YOUR OBJECTIVE: Type out the complete listing below word for word, without its pictures.

EXERCISE MATERIAL:
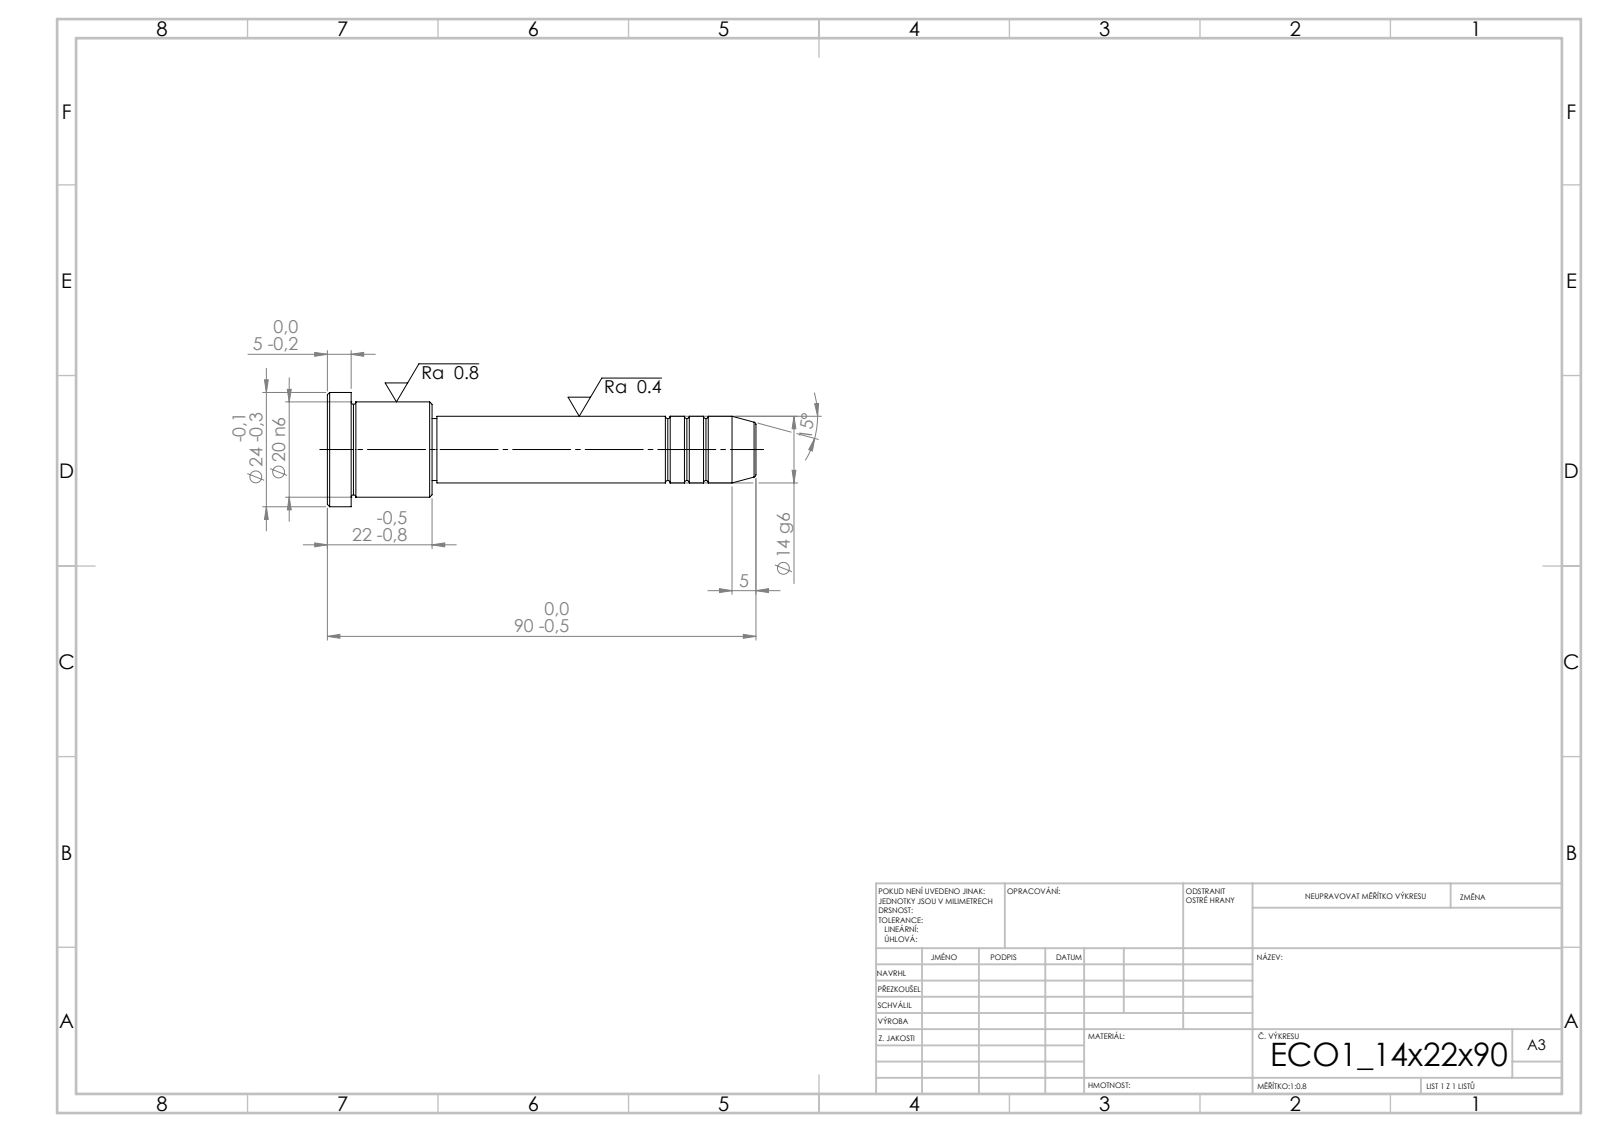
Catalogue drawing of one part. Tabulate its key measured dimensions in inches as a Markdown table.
| quantity | value |
| --- | --- |
| STEP written by | SolidWorks 2019 (CONFIG_CONTROL_DESIGN) |
| units | inches |
| bodies | 1 solid, 43 faces (5 planar, 14 cylindrical, 24 other) |
| overall size | 3.543 × 0.945 × 0.945 |
| volume | 1.087 in³ |
| surface area | 8.317 in² |
| round bosses / shafts (diameter × count) | 0.945 × 1, 0.787 × 1, 0.551 × 1, 0.512 × 1 |
| main face-to-face distances | 0.866, 0.669, 0.197, 2.677, 3.346, 3.543, 2.638, 0.039, 0.709, 0.906 |
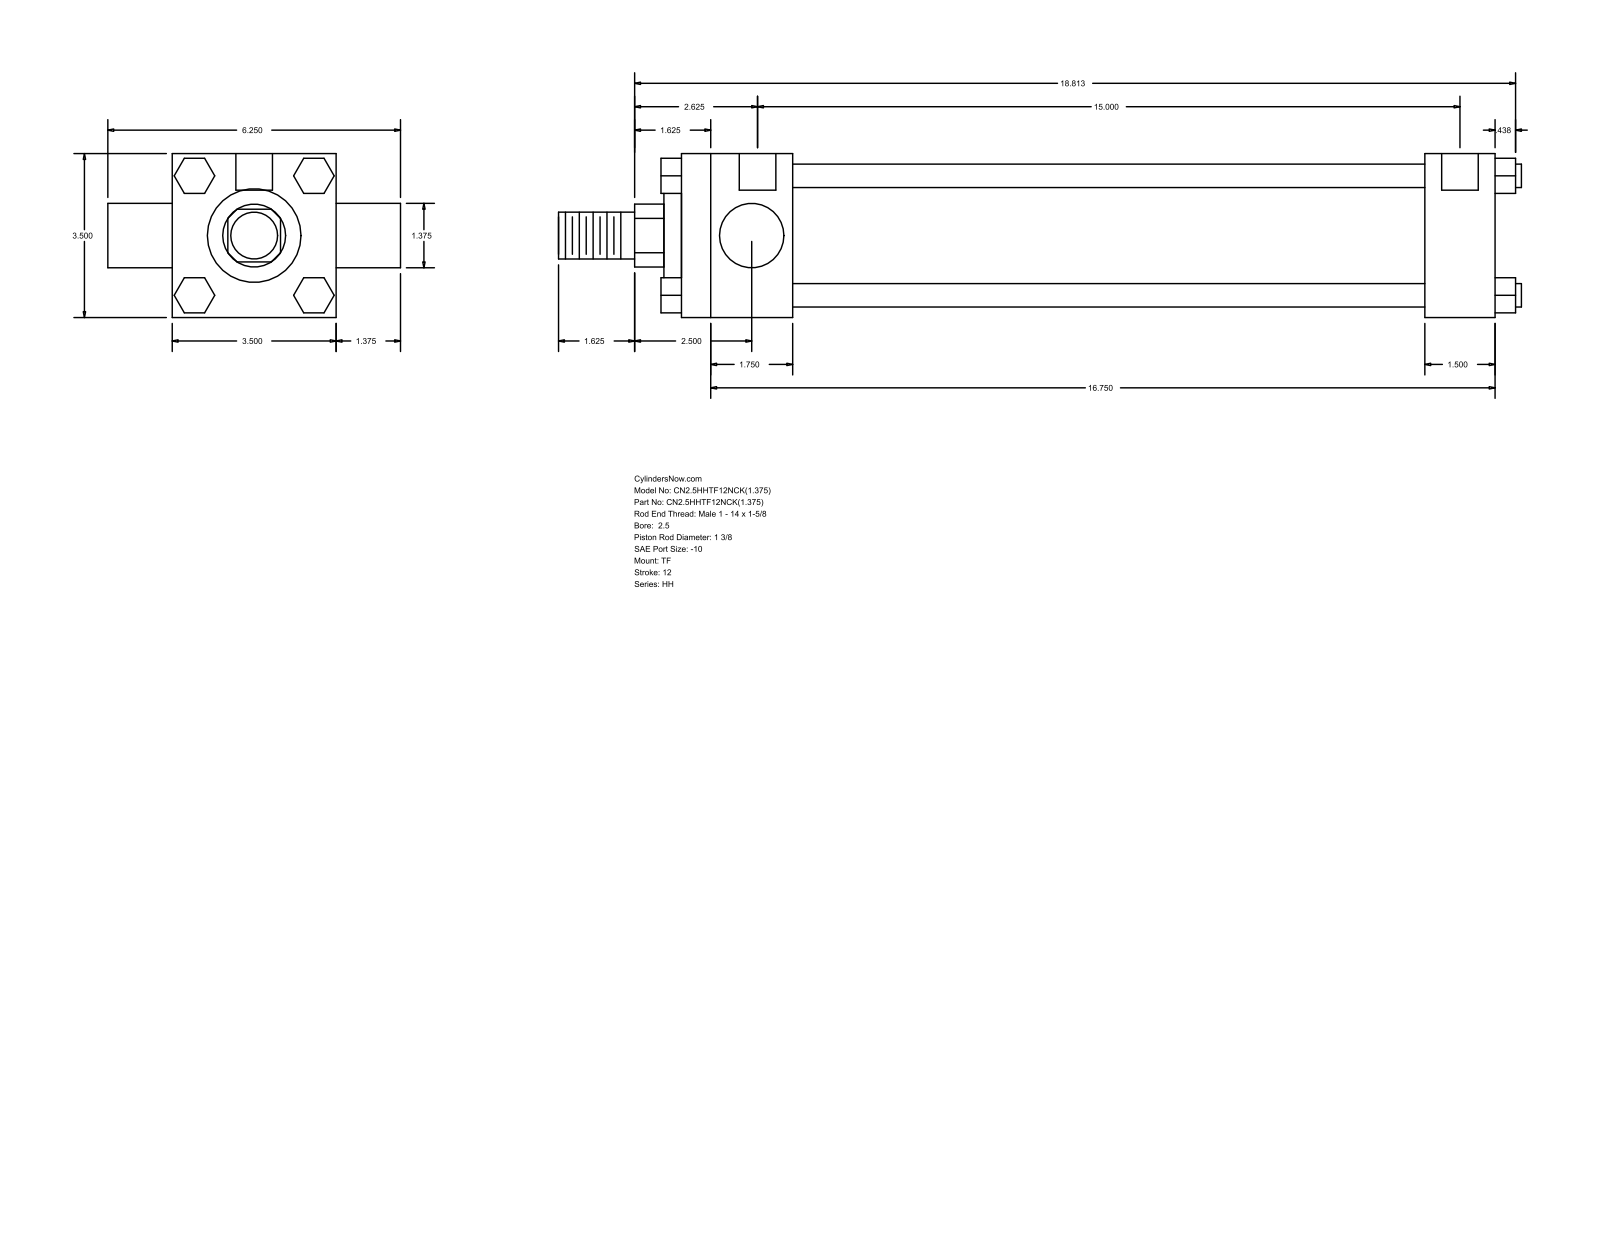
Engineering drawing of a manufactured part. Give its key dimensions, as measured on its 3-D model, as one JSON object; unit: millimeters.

REPLY:
Catalogue drawing of one part. Tabulate its key measured dimensions in inches as a Markdown table.
| quantity | value |
| --- | --- |
| STEP written by | SolidWorks 2019 (CONFIG_CONTROL_DESIGN) |
| units | inches |
| bodies | 1 solid, 43 faces (5 planar, 14 cylindrical, 24 other) |
| overall size | 3.543 × 0.945 × 0.945 |
| volume | 1.087 in³ |
| surface area | 8.317 in² |
| round bosses / shafts (diameter × count) | 0.945 × 1, 0.787 × 1, 0.551 × 1, 0.512 × 1 |
| main face-to-face distances | 0.866, 0.669, 0.197, 2.677, 3.346, 3.543, 2.638, 0.039, 0.709, 0.906 |
Engineering drawing of a manufactured part. Give its key dimensions, as measured on its 3-D model, as one JSON object; unit: millimeters.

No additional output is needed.